THE INPUT below:

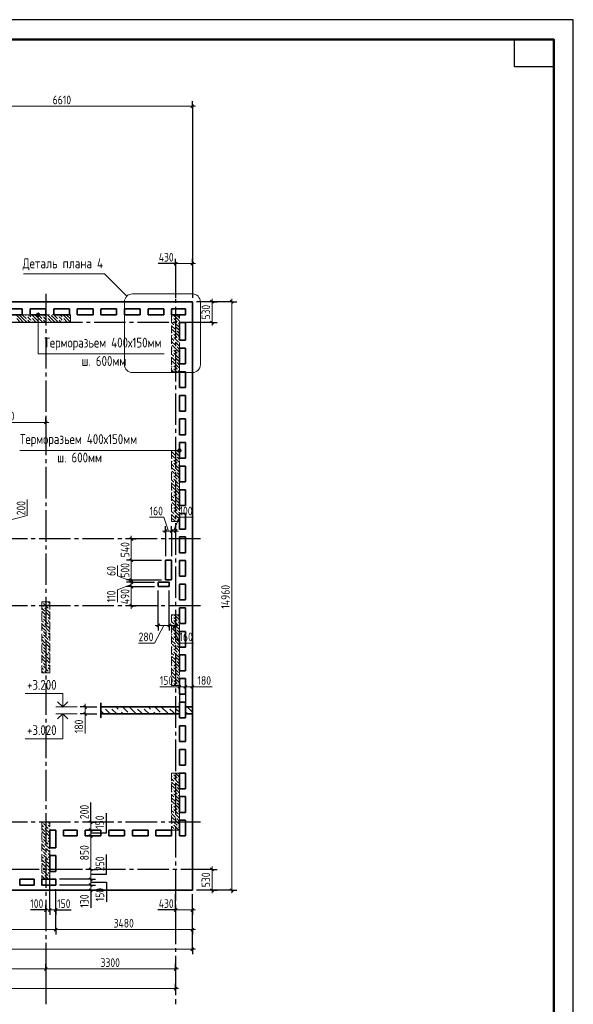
# Model space of a CAD drawing. Header units: millimetres. Extents: x 0 to 61017, y 0 to 42000.
# Tile 19 of 19: x 45313 to 59400, y 16970 to 42000. Entities that reach past the tile are written whole.
import ezdxf

# ---------------------------------------------------------------- set-up
doc = ezdxf.new("R2010")
doc.units = ezdxf.units.MM
doc.linetypes.add('______2', pattern=[270, 200, -70])
doc.linetypes.add('______5', pattern=[1100, 800, -100, 100, -100])
for name, color, linetype, lineweight in [('Standard', 7, 'Continuous', 25), ('Высотные отметки', 7, 'Continuous', 25), ('ЖБ Пилон', 180, 'Continuous', 25), ('Наложенное сечение', 7, 'Continuous', 25), ('Оси', 40, '______5', 18), ('Примечания', 7, 'Continuous', 25), ('Размерная выноска', 7, 'Continuous', 13)]:
    doc.layers.add(name, color=color, linetype=linetype, lineweight=lineweight)
doc.layers.add('ЖБ Перекрытие верхний уровень', color=7, linetype='Continuous', lineweight=25, true_color=0xe0e0ff)
doc.styles.add('GOST 2.304-81', font='txt')

msp = doc.modelspace()

# ---------------------------------------------------------------- hatches: boundary and pattern name
at = {"layer": 'ЖБ Пилон', "linetype": 'Continuous', "lineweight": 18, "transparency": 33554687}
for points in [[(45330, 34303), (45337, 34310), (45343, 34303), (45340, 34300), (45334, 34300)], [(45410, 34303), (45417, 34310), (45423, 34303), (45420, 34300), (45414, 34300)], [(45490, 34463), (45497, 34470), (45503, 34463), (45497, 34457)], [(45490, 34383), (45497, 34390), (45503, 34383), (45497, 34377)], [(45610, 34423), (45617, 34430), (45623, 34423), (45617, 34417)], [(45610, 34343), (45617, 34350), (45623, 34343), (45617, 34337)], [(45700, 34500), (45697, 34497), (45694, 34500)], [(45730, 34303), (45737, 34310), (45743, 34303), (45740, 34300), (45734, 34300)], [(45810, 34303), (45817, 34310), (45823, 34303), (45820, 34300), (45814, 34300)], [(45890, 34463), (45897, 34470), (45903, 34463), (45897, 34457)], [(45890, 34383), (45897, 34390), (45903, 34383), (45897, 34377)], [(46010, 34423), (46017, 34430), (46023, 34423), (46017, 34417)], [(46010, 34343), (46017, 34350), (46023, 34343), (46017, 34337)], [(46100, 34500), (46097, 34497), (46094, 34500)], [(46130, 34303), (46137, 34310), (46143, 34303), (46140, 34300), (46134, 34300)], [(46210, 34303), (46217, 34310), (46223, 34303), (46220, 34300), (46214, 34300)], [(46290, 34463), (46297, 34470), (46303, 34463), (46297, 34457)], [(46290, 34383), (46297, 34390), (46303, 34383), (46297, 34377)], [(46410, 34423), (46417, 34430), (46423, 34423), (46417, 34417)], [(46410, 34343), (46417, 34350), (46423, 34343), (46417, 34337)], [(46500, 34500), (46497, 34497), (46494, 34500)], [(46530, 34303), (46537, 34310), (46543, 34303), (46540, 34300), (46534, 34300)], [(49210, 34423), (49217, 34430), (49223, 34423), (49217, 34417)], [(49210, 34343), (49217, 34350), (49223, 34343), (49217, 34337)], [(49300, 34500), (49297, 34497), (49294, 34500)], [(49330, 34303), (49337, 34310), (49343, 34303), (49337, 34297)], [(49180, 34147), (49183, 34143), (49180, 34140)], [(49250, 34223), (49257, 34230), (49263, 34223), (49257, 34217)], [(49290, 34103), (49297, 34110), (49303, 34103), (49297, 34097)], [(49370, 34183), (49377, 34190), (49380, 34187), (49380, 34180), (49377, 34177)], [(49210, 34023), (49217, 34030), (49223, 34023), (49217, 34017)], [(49210, 33943), (49217, 33950), (49223, 33943), (49217, 33937)], [(49250, 33823), (49257, 33830), (49263, 33823), (49257, 33817)], [(49330, 33903), (49337, 33910), (49343, 33903), (49337, 33897)], [(49180, 33747), (49183, 33743), (49180, 33740)], [(49210, 33623), (49217, 33630), (49223, 33623), (49217, 33617)], [(49210, 33543), (49217, 33550), (49223, 33543), (49217, 33537)], [(49290, 33703), (49297, 33710), (49303, 33703), (49297, 33697)], [(49370, 33783), (49377, 33790), (49380, 33787), (49380, 33780), (49377, 33777)], [(49180, 33347), (49183, 33343), (49180, 33340)], [(49250, 33423), (49257, 33430), (49263, 33423), (49257, 33417)], [(49290, 33303), (49297, 33310), (49303, 33303), (49297, 33297)], [(49330, 33503), (49337, 33510), (49343, 33503), (49337, 33497)], [(49370, 33383), (49377, 33390), (49380, 33387), (49380, 33380), (49377, 33377)], [(49210, 33223), (49217, 33230), (49223, 33223), (49217, 33217)], [(49210, 33143), (49217, 33150), (49223, 33143), (49217, 33137)], [(49330, 33103), (49337, 33110), (49343, 33103), (49337, 33097)], [(49180, 30947), (49183, 30943), (49180, 30940)], [(49210, 30823), (49217, 30830), (49223, 30823), (49217, 30817)], [(49250, 31023), (49257, 31030), (49263, 31023), (49257, 31017)], [(49290, 30903), (49297, 30910), (49303, 30903), (49297, 30897)], [(49370, 30983), (49377, 30990), (49380, 30987), (49380, 30980), (49377, 30977)], [(49180, 30547), (49183, 30543), (49180, 30540)], [(49210, 30743), (49217, 30750), (49223, 30743), (49217, 30737)], [(49250, 30623), (49257, 30630), (49263, 30623), (49257, 30617)], [(49330, 30703), (49337, 30710), (49343, 30703), (49337, 30697)], [(49370, 30583), (49377, 30590), (49380, 30587), (49380, 30580), (49377, 30577)], [(49210, 30423), (49217, 30430), (49223, 30423), (49217, 30417)], [(49210, 30343), (49217, 30350), (49223, 30343), (49217, 30337)], [(49290, 30503), (49297, 30510), (49303, 30503), (49297, 30497)], [(49330, 30303), (49337, 30310), (49343, 30303), (49337, 30297)], [(49180, 30147), (49183, 30143), (49180, 30140)], [(49250, 30223), (49257, 30230), (49263, 30223), (49257, 30217)], [(49290, 30103), (49297, 30110), (49303, 30103), (49297, 30097)], [(49370, 30183), (49377, 30190), (49380, 30187), (49380, 30180), (49377, 30177)], [(49210, 30023), (49217, 30030), (49223, 30023), (49217, 30017)], [(49210, 29943), (49217, 29950), (49223, 29943), (49217, 29937)], [(49250, 29823), (49257, 29830), (49263, 29823), (49257, 29817)], [(49330, 29903), (49337, 29910), (49343, 29903), (49337, 29897)], [(49370, 29783), (49377, 29790), (49380, 29787), (49380, 29780), (49377, 29777)], [(49180, 29747), (49183, 29743), (49180, 29740)], [(49210, 29623), (49217, 29630), (49223, 29623), (49217, 29617)], [(49210, 29543), (49217, 29550), (49223, 29543), (49217, 29537)], [(49290, 29703), (49297, 29710), (49303, 29703), (49297, 29697)], [(49180, 29347), (49183, 29343), (49180, 29340)], [(49250, 29423), (49257, 29430), (49263, 29423), (49257, 29417)], [(49290, 29303), (49297, 29310), (49303, 29303), (49297, 29297)], [(49330, 29503), (49337, 29510), (49343, 29503), (49337, 29497)], [(49370, 29383), (49377, 29390), (49380, 29387), (49380, 29380), (49377, 29377)], [(45890, 27183), (45897, 27190), (45903, 27183), (45897, 27177)], [(45930, 27063), (45937, 27070), (45943, 27063), (45937, 27057)], [(46010, 27143), (46017, 27150), (46023, 27143), (46017, 27137)], [(45890, 26863), (45897, 26870), (45903, 26863), (45897, 26857)], [(45890, 26783), (45897, 26790), (45903, 26783), (45897, 26777)], [(45970, 26943), (45977, 26950), (45983, 26943), (45977, 26937)], [(46010, 26823), (46017, 26830), (46023, 26823), (46017, 26817)], [(46050, 27023), (46057, 27030), (46063, 27023), (46057, 27017)], [(49210, 26823), (49217, 26830), (49223, 26823), (49217, 26817)], [(45930, 26663), (45937, 26670), (45943, 26663), (45937, 26657)], [(45970, 26543), (45977, 26550), (45983, 26543), (45977, 26537)], [(46010, 26743), (46017, 26750), (46023, 26743), (46017, 26737)], [(46050, 26623), (46057, 26630), (46063, 26623), (46057, 26617)], [(49180, 26547), (49183, 26543), (49180, 26540)], [(49210, 26743), (49217, 26750), (49223, 26743), (49217, 26737)], [(49250, 26623), (49257, 26630), (49263, 26623), (49257, 26617)], [(49330, 26703), (49337, 26710), (49343, 26703), (49337, 26697)], [(49370, 26583), (49377, 26590), (49380, 26587), (49380, 26580), (49377, 26577)], [(45890, 26463), (45897, 26470), (45903, 26463), (45897, 26457)], [(45890, 26383), (45897, 26390), (45903, 26383), (45897, 26377)], [(46010, 26423), (46017, 26430), (46023, 26423), (46017, 26417)], [(46010, 26343), (46017, 26350), (46023, 26343), (46017, 26337)], [(49210, 26423), (49217, 26430), (49223, 26423), (49217, 26417)], [(49210, 26343), (49217, 26350), (49223, 26343), (49217, 26337)], [(49290, 26503), (49297, 26510), (49303, 26503), (49297, 26497)], [(49330, 26303), (49337, 26310), (49343, 26303), (49337, 26297)], [(45890, 26063), (45897, 26070), (45903, 26063), (45897, 26057)], [(45930, 26263), (45937, 26270), (45943, 26263), (45937, 26257)], [(45970, 26143), (45977, 26150), (45983, 26143), (45977, 26137)], [(46050, 26223), (46057, 26230), (46063, 26223), (46057, 26217)], [(49180, 26147), (49183, 26143), (49180, 26140)], [(49250, 26223), (49257, 26230), (49263, 26223), (49257, 26217)], [(49290, 26103), (49297, 26110), (49303, 26103), (49297, 26097)], [(49370, 26183), (49377, 26190), (49380, 26187), (49380, 26180), (49377, 26177)], [(45890, 25983), (45897, 25990), (45903, 25983), (45897, 25977)], [(45930, 25863), (45937, 25870), (45943, 25863), (45937, 25857)], [(46010, 26023), (46017, 26030), (46023, 26023), (46017, 26017)], [(46010, 25943), (46017, 25950), (46023, 25943), (46017, 25937)], [(46050, 25823), (46057, 25830), (46063, 25823), (46057, 25817)], [(49210, 26023), (49217, 26030), (49223, 26023), (49217, 26017)], [(49210, 25943), (49217, 25950), (49223, 25943), (49217, 25937)], [(49250, 25823), (49257, 25830), (49263, 25823), (49257, 25817)], [(49330, 25903), (49337, 25910), (49343, 25903), (49337, 25897)], [(49370, 25783), (49377, 25790), (49380, 25787), (49380, 25780), (49377, 25777)], [(45890, 25663), (45897, 25670), (45903, 25663), (45897, 25657)], [(45890, 25583), (45897, 25590), (45903, 25583), (45897, 25577)], [(45970, 25743), (45977, 25750), (45983, 25743), (45977, 25737)], [(46010, 25623), (46017, 25630), (46023, 25623), (46017, 25617)], [(46010, 25543), (46017, 25550), (46023, 25543), (46017, 25537)], [(49180, 25747), (49183, 25743), (49180, 25740)], [(49210, 25623), (49217, 25630), (49223, 25623), (49217, 25617)], [(49210, 25543), (49217, 25550), (49223, 25543), (49217, 25537)], [(49290, 25703), (49297, 25710), (49303, 25703), (49297, 25697)], [(45930, 25463), (45937, 25470), (45943, 25463), (45937, 25457)], [(46050, 25423), (46057, 25430), (46063, 25423), (46057, 25417)], [(49180, 25347), (49183, 25343), (49180, 25340)], [(49250, 25423), (49257, 25430), (49263, 25423), (49257, 25417)], [(49290, 25303), (49297, 25310), (49303, 25303), (49297, 25297)], [(49330, 25503), (49337, 25510), (49343, 25503), (49337, 25497)], [(49370, 25383), (49377, 25390), (49380, 25387), (49380, 25380), (49377, 25377)], [(49210, 25223), (49217, 25230), (49223, 25223), (49217, 25217)], [(49210, 25143), (49217, 25150), (49223, 25143), (49217, 25137)], [(49330, 25103), (49337, 25110), (49343, 25103), (49337, 25097)], [(49210, 22823), (49217, 22830), (49223, 22823), (49217, 22817)], [(49180, 22547), (49183, 22543), (49180, 22540)], [(49210, 22743), (49217, 22750), (49223, 22743), (49217, 22737)], [(49250, 22623), (49257, 22630), (49263, 22623), (49257, 22617)], [(49330, 22703), (49337, 22710), (49343, 22703), (49337, 22697)], [(49370, 22583), (49377, 22590), (49380, 22587), (49380, 22580), (49377, 22577)], [(49210, 22423), (49217, 22430), (49223, 22423), (49217, 22417)], [(49210, 22343), (49217, 22350), (49223, 22343), (49217, 22337)], [(49290, 22503), (49297, 22510), (49303, 22503), (49297, 22497)], [(49330, 22303), (49337, 22310), (49343, 22303), (49337, 22297)], [(49180, 22147), (49183, 22143), (49180, 22140)], [(49210, 22023), (49217, 22030), (49223, 22023), (49217, 22017)], [(49250, 22223), (49257, 22230), (49263, 22223), (49257, 22217)], [(49290, 22103), (49297, 22110), (49303, 22103), (49297, 22097)], [(49370, 22183), (49377, 22190), (49380, 22187), (49380, 22180), (49377, 22177)], [(49210, 21943), (49217, 21950), (49223, 21943), (49217, 21937)], [(49250, 21823), (49257, 21830), (49263, 21823), (49257, 21817)], [(49330, 21903), (49337, 21910), (49343, 21903), (49337, 21897)], [(49370, 21783), (49377, 21790), (49380, 21787), (49380, 21780), (49377, 21777)], [(45890, 21583), (45897, 21590), (45903, 21583), (45897, 21577)], [(46010, 21543), (46017, 21550), (46023, 21543), (46017, 21537)], [(49180, 21747), (49183, 21743), (49180, 21740)], [(49210, 21623), (49217, 21630), (49223, 21623), (49217, 21617)], [(49210, 21543), (49217, 21550), (49223, 21543), (49217, 21537)], [(49290, 21703), (49297, 21710), (49303, 21703), (49297, 21697)], [(45930, 21463), (45937, 21470), (45943, 21463), (45937, 21457)], [(45970, 21343), (45977, 21350), (45983, 21343), (45977, 21337)], [(46050, 21423), (46057, 21430), (46063, 21423), (46057, 21417)], [(49250, 21423), (49257, 21430), (49263, 21423), (49257, 21417)], [(49330, 21503), (49337, 21510), (49343, 21503), (49337, 21497)], [(45890, 21263), (45897, 21270), (45903, 21263), (45897, 21257)], [(45890, 21183), (45897, 21190), (45903, 21183), (45897, 21177)], [(45930, 21063), (45937, 21070), (45943, 21063), (45937, 21057)], [(46010, 21223), (46017, 21230), (46023, 21223), (46017, 21217)], [(46010, 21143), (46017, 21150), (46023, 21143), (46017, 21137)], [(46050, 21023), (46057, 21030), (46063, 21023), (46057, 21017)], [(45890, 20863), (45897, 20870), (45903, 20863), (45897, 20857)], [(45890, 20783), (45897, 20790), (45903, 20783), (45897, 20777)], [(45970, 20943), (45977, 20950), (45983, 20943), (45977, 20937)], [(46010, 20823), (46017, 20830), (46023, 20823), (46017, 20817)], [(45930, 20663), (45937, 20670), (45943, 20663), (45937, 20657)], [(45970, 20543), (45977, 20550), (45983, 20543), (45977, 20537)], [(46010, 20743), (46017, 20750), (46023, 20743), (46017, 20737)], [(46050, 20623), (46057, 20630), (46063, 20623), (46057, 20617)], [(45890, 20463), (45897, 20470), (45903, 20463), (45897, 20457)], [(45890, 20383), (45897, 20390), (45903, 20383), (45897, 20377)], [(46010, 20423), (46017, 20430), (46023, 20423), (46017, 20417)], [(46010, 20343), (46017, 20350), (46023, 20343), (46017, 20337)], [(45930, 20263), (45937, 20270), (45943, 20263), (45937, 20257)], [(46050, 20223), (46057, 20230), (46063, 20223), (46057, 20217)]]:
    msp.add_hatch(color=7, dxfattribs=at).paths.add_polyline_path(points, flags=16)
at = {"layer": 'Наложенное сечение', "linetype": 'Continuous', "lineweight": 13, "transparency": 33554687}
for points in [[(47454, 24512), (47447, 24518), (47454, 24525), (47460, 24518)], [(47618, 24512), (47611, 24518), (47618, 24525), (47624, 24518)], [(47864, 24430), (47857, 24436), (47864, 24443), (47870, 24436)], [(48107, 24351), (48103, 24354), (48110, 24361), (48116, 24354), (48113, 24351)], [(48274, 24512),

End of THE INPUT.

Give again, exactly, the lines starting at the first entry above and ending at the line with "-100, 100, -100])"; please leave pictures out.

* [SOLUTION TO THE EXERCISE]
# Model space of a CAD drawing. Header units: millimetres. Extents: x 0 to 61017, y 0 to 42000.
# Tile 19 of 19: x 45313 to 59400, y 16970 to 42000. Entities that reach past the tile are written whole.
import ezdxf

# ---------------------------------------------------------------- set-up
doc = ezdxf.new("R2010")
doc.units = ezdxf.units.MM
doc.linetypes.add('______2', pattern=[270, 200, -70])
doc.linetypes.add('______5', pattern=[1100, 800, -100, 100, -100])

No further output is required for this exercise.